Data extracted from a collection
=== Begin Enclosure ===
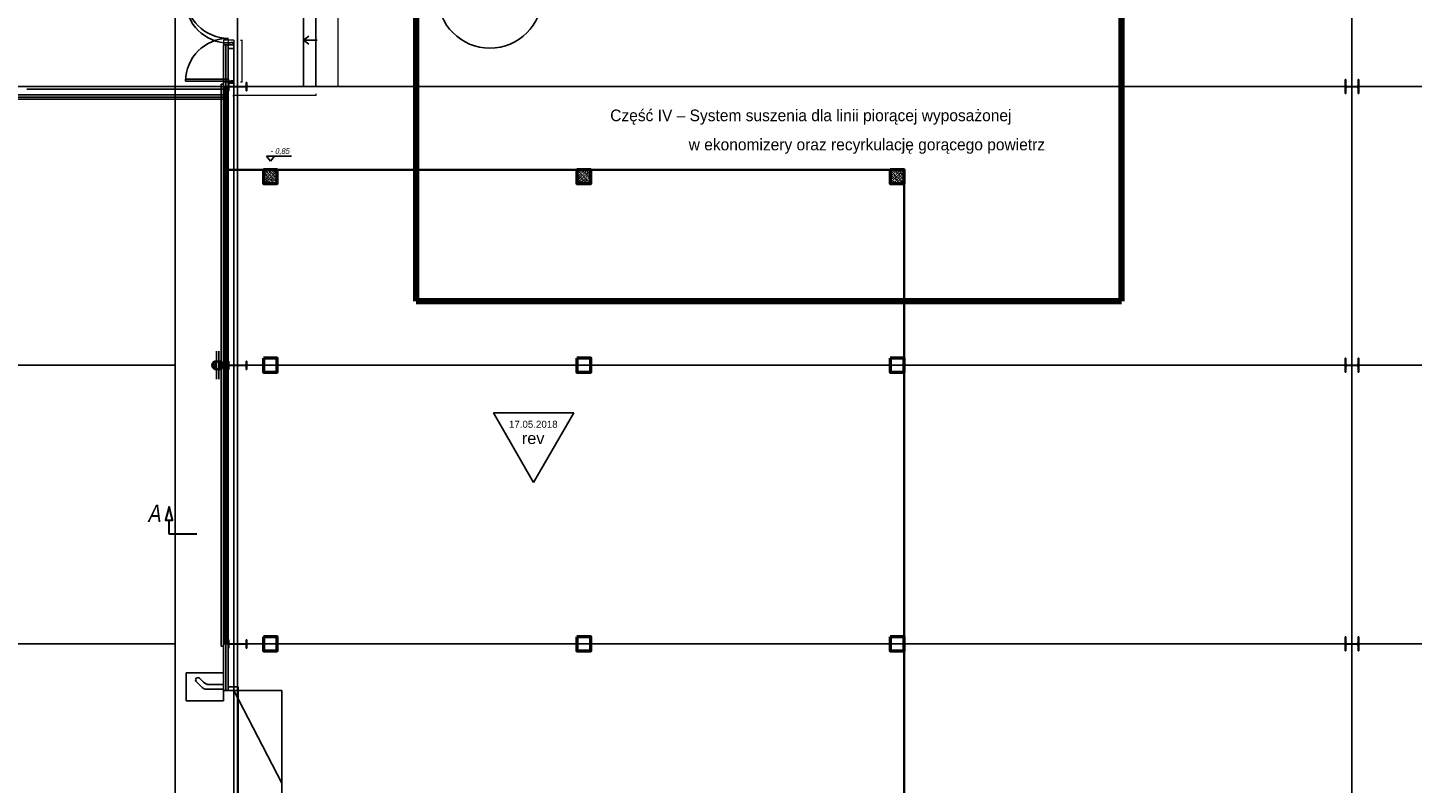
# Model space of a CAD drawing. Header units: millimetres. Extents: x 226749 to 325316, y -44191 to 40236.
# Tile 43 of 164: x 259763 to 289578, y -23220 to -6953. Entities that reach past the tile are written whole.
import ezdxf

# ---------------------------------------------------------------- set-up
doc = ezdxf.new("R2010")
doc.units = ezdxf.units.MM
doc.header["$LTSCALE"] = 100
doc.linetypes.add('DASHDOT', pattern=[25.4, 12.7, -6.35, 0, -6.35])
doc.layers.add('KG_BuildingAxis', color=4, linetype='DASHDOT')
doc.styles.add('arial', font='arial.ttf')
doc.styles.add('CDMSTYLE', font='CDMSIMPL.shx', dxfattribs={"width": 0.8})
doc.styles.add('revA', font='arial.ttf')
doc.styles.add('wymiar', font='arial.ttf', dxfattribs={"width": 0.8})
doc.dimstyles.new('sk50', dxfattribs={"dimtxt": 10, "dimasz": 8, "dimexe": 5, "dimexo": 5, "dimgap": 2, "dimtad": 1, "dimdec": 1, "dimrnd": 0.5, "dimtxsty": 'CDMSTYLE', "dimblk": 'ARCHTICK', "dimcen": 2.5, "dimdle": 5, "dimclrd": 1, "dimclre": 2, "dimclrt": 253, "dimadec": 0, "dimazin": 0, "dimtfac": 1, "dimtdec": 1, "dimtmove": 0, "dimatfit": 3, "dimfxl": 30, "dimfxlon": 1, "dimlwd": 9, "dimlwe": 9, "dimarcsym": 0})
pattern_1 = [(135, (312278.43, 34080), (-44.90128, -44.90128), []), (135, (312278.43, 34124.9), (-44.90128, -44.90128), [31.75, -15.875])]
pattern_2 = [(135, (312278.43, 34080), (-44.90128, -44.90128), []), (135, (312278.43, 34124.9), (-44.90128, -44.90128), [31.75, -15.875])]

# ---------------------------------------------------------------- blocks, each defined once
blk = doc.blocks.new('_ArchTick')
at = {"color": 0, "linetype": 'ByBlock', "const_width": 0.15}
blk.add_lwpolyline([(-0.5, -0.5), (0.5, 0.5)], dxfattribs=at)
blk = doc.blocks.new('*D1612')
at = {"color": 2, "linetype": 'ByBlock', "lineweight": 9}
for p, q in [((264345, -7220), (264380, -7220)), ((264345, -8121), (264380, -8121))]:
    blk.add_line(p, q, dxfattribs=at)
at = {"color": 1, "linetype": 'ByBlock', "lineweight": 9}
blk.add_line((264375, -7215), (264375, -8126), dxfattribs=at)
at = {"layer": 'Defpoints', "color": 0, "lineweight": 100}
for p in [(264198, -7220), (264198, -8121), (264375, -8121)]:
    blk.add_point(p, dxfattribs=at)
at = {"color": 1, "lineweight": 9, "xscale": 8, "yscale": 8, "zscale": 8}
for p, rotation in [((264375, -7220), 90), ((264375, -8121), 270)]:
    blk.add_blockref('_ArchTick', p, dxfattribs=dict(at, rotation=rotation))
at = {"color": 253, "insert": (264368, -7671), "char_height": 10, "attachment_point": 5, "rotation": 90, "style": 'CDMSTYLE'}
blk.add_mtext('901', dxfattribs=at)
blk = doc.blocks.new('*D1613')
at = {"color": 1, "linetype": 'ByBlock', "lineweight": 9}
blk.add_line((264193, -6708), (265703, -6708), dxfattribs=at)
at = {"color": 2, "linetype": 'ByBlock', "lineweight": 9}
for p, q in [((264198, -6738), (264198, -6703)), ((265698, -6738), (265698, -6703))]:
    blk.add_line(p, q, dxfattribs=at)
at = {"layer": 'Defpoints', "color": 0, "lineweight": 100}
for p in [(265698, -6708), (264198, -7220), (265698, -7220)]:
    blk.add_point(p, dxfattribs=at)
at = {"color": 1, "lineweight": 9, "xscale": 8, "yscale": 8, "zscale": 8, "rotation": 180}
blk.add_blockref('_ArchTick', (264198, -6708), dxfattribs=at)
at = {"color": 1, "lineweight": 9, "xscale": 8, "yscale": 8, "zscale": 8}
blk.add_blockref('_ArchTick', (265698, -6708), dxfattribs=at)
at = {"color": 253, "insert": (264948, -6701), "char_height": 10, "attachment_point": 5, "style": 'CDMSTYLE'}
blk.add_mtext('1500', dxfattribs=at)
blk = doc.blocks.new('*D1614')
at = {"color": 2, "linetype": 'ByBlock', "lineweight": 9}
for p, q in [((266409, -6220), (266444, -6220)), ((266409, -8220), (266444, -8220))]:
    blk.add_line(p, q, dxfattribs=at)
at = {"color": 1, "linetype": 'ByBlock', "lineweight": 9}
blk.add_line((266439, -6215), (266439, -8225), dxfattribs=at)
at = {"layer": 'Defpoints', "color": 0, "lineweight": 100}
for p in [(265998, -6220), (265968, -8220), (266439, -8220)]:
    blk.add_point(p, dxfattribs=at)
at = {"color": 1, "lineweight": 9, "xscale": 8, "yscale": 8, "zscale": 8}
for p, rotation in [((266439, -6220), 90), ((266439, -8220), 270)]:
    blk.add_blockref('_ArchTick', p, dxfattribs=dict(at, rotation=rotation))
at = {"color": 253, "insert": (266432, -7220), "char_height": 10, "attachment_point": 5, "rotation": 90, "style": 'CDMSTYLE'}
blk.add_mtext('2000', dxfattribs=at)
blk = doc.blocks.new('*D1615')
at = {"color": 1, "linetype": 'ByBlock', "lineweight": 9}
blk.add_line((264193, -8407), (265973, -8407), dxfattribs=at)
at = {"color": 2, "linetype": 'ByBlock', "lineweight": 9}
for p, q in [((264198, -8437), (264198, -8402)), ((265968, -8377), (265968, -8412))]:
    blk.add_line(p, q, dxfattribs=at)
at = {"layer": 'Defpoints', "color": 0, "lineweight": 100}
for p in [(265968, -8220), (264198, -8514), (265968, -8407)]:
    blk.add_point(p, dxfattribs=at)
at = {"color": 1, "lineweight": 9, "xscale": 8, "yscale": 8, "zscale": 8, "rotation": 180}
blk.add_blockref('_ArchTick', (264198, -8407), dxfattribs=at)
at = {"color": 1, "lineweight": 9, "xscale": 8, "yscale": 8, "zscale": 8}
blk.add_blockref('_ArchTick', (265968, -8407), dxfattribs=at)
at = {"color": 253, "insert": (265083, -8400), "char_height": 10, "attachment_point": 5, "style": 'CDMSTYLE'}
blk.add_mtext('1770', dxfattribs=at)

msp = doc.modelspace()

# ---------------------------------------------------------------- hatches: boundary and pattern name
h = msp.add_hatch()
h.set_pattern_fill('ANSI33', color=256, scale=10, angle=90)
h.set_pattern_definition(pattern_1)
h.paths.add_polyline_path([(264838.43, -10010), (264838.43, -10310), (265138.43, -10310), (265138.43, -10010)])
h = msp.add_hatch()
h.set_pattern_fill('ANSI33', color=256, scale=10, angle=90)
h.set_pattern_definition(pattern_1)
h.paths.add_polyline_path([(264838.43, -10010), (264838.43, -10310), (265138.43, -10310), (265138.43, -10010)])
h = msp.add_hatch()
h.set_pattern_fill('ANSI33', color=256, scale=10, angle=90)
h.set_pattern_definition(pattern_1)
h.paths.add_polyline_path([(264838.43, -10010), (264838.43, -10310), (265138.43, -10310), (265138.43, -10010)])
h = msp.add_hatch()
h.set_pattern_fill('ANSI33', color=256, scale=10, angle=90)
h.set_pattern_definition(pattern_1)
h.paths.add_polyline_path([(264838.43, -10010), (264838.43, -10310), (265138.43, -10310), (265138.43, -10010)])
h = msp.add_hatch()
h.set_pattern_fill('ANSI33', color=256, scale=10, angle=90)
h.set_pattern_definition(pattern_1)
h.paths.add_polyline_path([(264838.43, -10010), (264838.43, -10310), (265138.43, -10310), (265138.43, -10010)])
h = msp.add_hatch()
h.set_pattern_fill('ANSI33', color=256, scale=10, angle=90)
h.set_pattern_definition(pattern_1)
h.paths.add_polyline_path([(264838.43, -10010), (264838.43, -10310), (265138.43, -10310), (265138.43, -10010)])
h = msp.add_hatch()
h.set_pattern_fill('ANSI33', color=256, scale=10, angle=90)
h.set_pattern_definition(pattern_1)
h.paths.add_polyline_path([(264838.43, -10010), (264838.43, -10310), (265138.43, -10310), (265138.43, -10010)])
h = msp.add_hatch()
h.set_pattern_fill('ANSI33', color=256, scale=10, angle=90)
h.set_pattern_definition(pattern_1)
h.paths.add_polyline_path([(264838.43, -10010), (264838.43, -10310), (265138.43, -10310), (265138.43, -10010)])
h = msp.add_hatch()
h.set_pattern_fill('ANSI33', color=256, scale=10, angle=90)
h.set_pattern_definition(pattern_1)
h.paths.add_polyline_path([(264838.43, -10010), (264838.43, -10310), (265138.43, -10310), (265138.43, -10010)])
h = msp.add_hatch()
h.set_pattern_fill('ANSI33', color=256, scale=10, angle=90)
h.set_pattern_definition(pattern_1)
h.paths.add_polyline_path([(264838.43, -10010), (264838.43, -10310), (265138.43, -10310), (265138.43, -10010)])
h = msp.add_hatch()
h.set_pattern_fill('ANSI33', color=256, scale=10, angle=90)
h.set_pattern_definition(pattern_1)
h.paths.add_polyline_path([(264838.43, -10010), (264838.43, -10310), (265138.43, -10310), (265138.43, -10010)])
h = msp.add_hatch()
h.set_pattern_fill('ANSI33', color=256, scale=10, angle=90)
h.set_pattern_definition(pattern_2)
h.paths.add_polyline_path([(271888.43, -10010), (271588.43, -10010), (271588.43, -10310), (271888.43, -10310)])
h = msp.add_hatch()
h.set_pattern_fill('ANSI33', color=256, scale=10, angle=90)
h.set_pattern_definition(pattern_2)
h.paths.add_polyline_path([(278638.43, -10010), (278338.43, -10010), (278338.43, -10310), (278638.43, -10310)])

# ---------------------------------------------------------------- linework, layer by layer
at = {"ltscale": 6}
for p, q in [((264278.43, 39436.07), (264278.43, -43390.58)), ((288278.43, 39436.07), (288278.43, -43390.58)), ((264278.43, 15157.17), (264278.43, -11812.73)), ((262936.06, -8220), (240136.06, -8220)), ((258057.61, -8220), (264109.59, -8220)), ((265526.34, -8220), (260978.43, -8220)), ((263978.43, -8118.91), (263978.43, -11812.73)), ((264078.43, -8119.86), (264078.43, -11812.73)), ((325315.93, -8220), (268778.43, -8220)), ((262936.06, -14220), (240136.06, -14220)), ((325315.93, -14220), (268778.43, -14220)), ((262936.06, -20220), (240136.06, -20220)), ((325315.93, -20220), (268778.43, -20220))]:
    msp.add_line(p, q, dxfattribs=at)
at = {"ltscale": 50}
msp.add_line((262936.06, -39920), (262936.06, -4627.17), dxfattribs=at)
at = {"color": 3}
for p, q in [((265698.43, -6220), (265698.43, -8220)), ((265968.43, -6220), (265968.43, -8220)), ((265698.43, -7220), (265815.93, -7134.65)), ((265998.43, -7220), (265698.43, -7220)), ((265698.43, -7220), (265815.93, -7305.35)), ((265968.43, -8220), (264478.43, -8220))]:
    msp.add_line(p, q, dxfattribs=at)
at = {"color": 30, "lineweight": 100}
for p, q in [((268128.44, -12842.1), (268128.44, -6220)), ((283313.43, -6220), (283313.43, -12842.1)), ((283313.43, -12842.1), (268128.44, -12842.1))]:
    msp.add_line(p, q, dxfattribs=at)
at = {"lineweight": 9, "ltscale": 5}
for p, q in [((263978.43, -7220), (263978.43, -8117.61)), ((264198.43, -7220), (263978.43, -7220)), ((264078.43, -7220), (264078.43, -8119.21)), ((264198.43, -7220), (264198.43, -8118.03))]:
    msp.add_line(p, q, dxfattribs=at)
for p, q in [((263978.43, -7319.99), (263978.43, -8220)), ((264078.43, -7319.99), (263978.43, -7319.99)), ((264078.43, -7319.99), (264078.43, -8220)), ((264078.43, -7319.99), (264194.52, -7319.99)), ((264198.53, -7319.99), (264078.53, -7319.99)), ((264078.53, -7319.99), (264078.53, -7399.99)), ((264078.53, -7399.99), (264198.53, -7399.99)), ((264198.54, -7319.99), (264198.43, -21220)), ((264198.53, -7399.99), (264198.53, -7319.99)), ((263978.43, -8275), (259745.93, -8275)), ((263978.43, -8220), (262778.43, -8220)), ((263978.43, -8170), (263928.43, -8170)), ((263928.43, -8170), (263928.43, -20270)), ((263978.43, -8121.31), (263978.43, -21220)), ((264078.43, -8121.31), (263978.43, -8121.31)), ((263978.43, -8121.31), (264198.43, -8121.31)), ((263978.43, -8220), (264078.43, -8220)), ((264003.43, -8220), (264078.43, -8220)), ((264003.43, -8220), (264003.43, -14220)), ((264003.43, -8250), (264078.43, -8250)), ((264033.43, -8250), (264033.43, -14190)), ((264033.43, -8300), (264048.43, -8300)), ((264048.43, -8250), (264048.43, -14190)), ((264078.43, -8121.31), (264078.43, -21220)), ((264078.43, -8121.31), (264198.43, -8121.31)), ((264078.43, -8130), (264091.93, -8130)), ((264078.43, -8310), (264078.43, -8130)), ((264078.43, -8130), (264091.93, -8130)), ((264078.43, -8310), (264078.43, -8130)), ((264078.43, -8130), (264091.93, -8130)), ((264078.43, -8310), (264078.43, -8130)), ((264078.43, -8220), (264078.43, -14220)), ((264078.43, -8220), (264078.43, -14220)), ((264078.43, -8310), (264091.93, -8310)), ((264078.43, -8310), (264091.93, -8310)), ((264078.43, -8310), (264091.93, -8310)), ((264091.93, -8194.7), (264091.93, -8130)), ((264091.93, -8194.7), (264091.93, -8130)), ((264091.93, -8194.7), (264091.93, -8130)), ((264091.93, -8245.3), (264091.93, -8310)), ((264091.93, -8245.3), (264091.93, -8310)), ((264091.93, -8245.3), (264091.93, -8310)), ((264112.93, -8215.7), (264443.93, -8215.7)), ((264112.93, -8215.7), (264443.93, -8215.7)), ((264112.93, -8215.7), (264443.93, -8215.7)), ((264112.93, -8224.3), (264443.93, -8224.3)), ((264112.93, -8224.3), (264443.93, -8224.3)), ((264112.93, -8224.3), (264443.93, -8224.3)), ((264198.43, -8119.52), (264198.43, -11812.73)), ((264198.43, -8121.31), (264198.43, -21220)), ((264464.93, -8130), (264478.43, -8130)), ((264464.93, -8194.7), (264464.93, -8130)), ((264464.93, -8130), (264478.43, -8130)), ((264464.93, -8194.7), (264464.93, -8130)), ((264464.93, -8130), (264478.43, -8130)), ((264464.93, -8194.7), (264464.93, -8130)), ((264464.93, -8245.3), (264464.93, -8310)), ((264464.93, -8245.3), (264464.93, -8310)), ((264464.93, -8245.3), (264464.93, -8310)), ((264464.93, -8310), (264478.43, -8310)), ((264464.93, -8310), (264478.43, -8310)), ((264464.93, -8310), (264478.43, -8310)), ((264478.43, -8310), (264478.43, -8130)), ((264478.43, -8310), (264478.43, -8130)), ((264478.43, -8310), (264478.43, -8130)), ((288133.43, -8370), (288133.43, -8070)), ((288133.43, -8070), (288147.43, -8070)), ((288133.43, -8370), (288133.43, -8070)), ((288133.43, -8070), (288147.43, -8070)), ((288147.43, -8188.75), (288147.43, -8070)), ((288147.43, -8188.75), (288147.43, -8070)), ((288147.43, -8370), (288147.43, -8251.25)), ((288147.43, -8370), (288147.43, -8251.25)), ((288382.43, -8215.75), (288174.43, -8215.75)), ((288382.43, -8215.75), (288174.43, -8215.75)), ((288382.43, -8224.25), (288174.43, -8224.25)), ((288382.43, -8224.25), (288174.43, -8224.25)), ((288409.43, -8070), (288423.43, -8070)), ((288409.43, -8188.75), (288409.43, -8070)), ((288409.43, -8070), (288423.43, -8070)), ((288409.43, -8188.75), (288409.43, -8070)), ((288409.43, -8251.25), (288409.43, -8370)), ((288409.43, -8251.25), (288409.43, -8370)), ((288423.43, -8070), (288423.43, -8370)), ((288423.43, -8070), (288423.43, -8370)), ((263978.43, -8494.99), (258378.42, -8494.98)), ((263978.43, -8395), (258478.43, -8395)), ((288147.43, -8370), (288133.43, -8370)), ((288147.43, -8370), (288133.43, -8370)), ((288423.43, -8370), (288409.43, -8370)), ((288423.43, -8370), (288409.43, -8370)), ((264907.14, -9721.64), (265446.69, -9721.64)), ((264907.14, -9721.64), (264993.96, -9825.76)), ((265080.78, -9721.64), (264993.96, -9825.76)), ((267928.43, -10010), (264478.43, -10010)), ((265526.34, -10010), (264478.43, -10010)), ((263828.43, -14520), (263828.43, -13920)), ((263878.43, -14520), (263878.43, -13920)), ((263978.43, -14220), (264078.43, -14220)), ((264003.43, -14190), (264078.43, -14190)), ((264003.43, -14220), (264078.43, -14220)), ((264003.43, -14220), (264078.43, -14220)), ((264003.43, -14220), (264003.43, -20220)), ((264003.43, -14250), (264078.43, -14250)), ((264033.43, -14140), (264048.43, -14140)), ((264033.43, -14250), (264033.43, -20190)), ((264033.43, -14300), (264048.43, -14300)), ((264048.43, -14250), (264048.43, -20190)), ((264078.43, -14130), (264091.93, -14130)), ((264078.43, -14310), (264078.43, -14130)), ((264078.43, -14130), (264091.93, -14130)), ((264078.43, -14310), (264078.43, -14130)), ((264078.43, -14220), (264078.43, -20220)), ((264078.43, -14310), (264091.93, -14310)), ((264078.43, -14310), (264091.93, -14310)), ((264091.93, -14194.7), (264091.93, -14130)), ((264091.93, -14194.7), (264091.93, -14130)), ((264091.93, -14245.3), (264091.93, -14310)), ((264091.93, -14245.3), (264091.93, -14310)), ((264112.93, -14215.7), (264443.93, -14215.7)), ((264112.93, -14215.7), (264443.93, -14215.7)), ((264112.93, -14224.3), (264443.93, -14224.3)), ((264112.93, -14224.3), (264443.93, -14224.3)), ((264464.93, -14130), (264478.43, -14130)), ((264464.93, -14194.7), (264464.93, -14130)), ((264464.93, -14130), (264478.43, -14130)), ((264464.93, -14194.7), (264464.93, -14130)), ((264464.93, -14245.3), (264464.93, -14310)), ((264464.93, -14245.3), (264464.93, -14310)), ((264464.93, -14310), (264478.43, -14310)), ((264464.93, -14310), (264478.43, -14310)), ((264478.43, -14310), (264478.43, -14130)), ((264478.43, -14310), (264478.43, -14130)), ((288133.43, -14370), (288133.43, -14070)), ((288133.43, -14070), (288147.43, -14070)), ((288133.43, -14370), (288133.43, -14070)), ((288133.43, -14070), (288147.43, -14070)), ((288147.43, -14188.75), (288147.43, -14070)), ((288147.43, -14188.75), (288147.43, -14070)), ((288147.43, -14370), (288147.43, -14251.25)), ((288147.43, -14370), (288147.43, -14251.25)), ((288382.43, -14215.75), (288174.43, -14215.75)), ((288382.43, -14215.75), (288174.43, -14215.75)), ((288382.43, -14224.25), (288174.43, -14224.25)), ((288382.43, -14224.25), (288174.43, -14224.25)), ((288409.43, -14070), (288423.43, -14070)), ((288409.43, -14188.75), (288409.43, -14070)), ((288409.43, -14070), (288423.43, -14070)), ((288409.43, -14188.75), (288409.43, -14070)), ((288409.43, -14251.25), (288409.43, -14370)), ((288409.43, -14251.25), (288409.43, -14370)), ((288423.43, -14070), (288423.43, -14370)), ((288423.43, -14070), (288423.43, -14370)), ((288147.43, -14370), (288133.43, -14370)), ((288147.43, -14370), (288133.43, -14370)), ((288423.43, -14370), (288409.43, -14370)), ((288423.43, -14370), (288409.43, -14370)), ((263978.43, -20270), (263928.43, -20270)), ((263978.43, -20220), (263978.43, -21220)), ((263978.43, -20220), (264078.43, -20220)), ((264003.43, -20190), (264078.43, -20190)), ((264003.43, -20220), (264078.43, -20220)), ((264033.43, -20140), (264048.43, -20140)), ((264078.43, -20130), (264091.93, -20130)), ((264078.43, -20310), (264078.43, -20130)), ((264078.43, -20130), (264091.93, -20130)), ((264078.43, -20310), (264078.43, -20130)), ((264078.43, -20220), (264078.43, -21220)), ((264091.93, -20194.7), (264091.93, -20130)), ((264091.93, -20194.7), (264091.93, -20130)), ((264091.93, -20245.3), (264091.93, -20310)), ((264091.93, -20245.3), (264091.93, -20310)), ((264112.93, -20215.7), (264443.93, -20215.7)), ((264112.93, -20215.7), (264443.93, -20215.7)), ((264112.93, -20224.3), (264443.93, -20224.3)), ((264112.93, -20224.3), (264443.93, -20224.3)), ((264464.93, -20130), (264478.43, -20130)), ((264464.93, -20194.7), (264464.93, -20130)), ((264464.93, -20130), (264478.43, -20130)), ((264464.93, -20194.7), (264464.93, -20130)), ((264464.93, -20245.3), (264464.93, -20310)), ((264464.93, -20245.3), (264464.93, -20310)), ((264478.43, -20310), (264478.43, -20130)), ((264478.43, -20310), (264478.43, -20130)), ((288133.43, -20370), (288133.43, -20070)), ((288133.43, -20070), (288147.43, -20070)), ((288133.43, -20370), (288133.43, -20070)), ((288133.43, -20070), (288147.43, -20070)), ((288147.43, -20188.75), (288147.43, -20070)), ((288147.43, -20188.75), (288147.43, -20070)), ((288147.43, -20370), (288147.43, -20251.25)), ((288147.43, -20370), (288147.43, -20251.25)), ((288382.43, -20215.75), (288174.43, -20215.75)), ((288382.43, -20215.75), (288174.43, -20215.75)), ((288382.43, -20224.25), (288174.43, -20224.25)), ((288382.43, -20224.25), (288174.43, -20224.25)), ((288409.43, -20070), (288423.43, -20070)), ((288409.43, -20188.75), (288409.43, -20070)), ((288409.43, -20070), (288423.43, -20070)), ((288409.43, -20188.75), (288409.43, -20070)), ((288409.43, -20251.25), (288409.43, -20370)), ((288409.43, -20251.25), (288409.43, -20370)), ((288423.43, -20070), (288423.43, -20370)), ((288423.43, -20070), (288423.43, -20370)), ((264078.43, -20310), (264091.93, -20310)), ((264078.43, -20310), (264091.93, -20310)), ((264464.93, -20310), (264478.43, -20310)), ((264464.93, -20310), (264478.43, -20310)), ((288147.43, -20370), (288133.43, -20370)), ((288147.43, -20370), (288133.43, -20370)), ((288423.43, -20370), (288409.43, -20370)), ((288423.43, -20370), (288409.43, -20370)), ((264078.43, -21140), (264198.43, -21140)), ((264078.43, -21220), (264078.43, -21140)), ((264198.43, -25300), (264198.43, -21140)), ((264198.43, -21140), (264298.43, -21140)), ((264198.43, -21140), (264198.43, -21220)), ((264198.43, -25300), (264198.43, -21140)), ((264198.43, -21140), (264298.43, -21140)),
=== End Enclosure ===
# REQUIRED WORK
Return every line from the records above that holds the word "blocks".

# ANSWER SPACE
# ---------------------------------------------------------------- blocks, each defined once
blk = doc.blocks.new('_ArchTick')
blk = doc.blocks.new('*D1612')
blk = doc.blocks.new('*D1613')
blk = doc.blocks.new('*D1614')
blk = doc.blocks.new('*D1615')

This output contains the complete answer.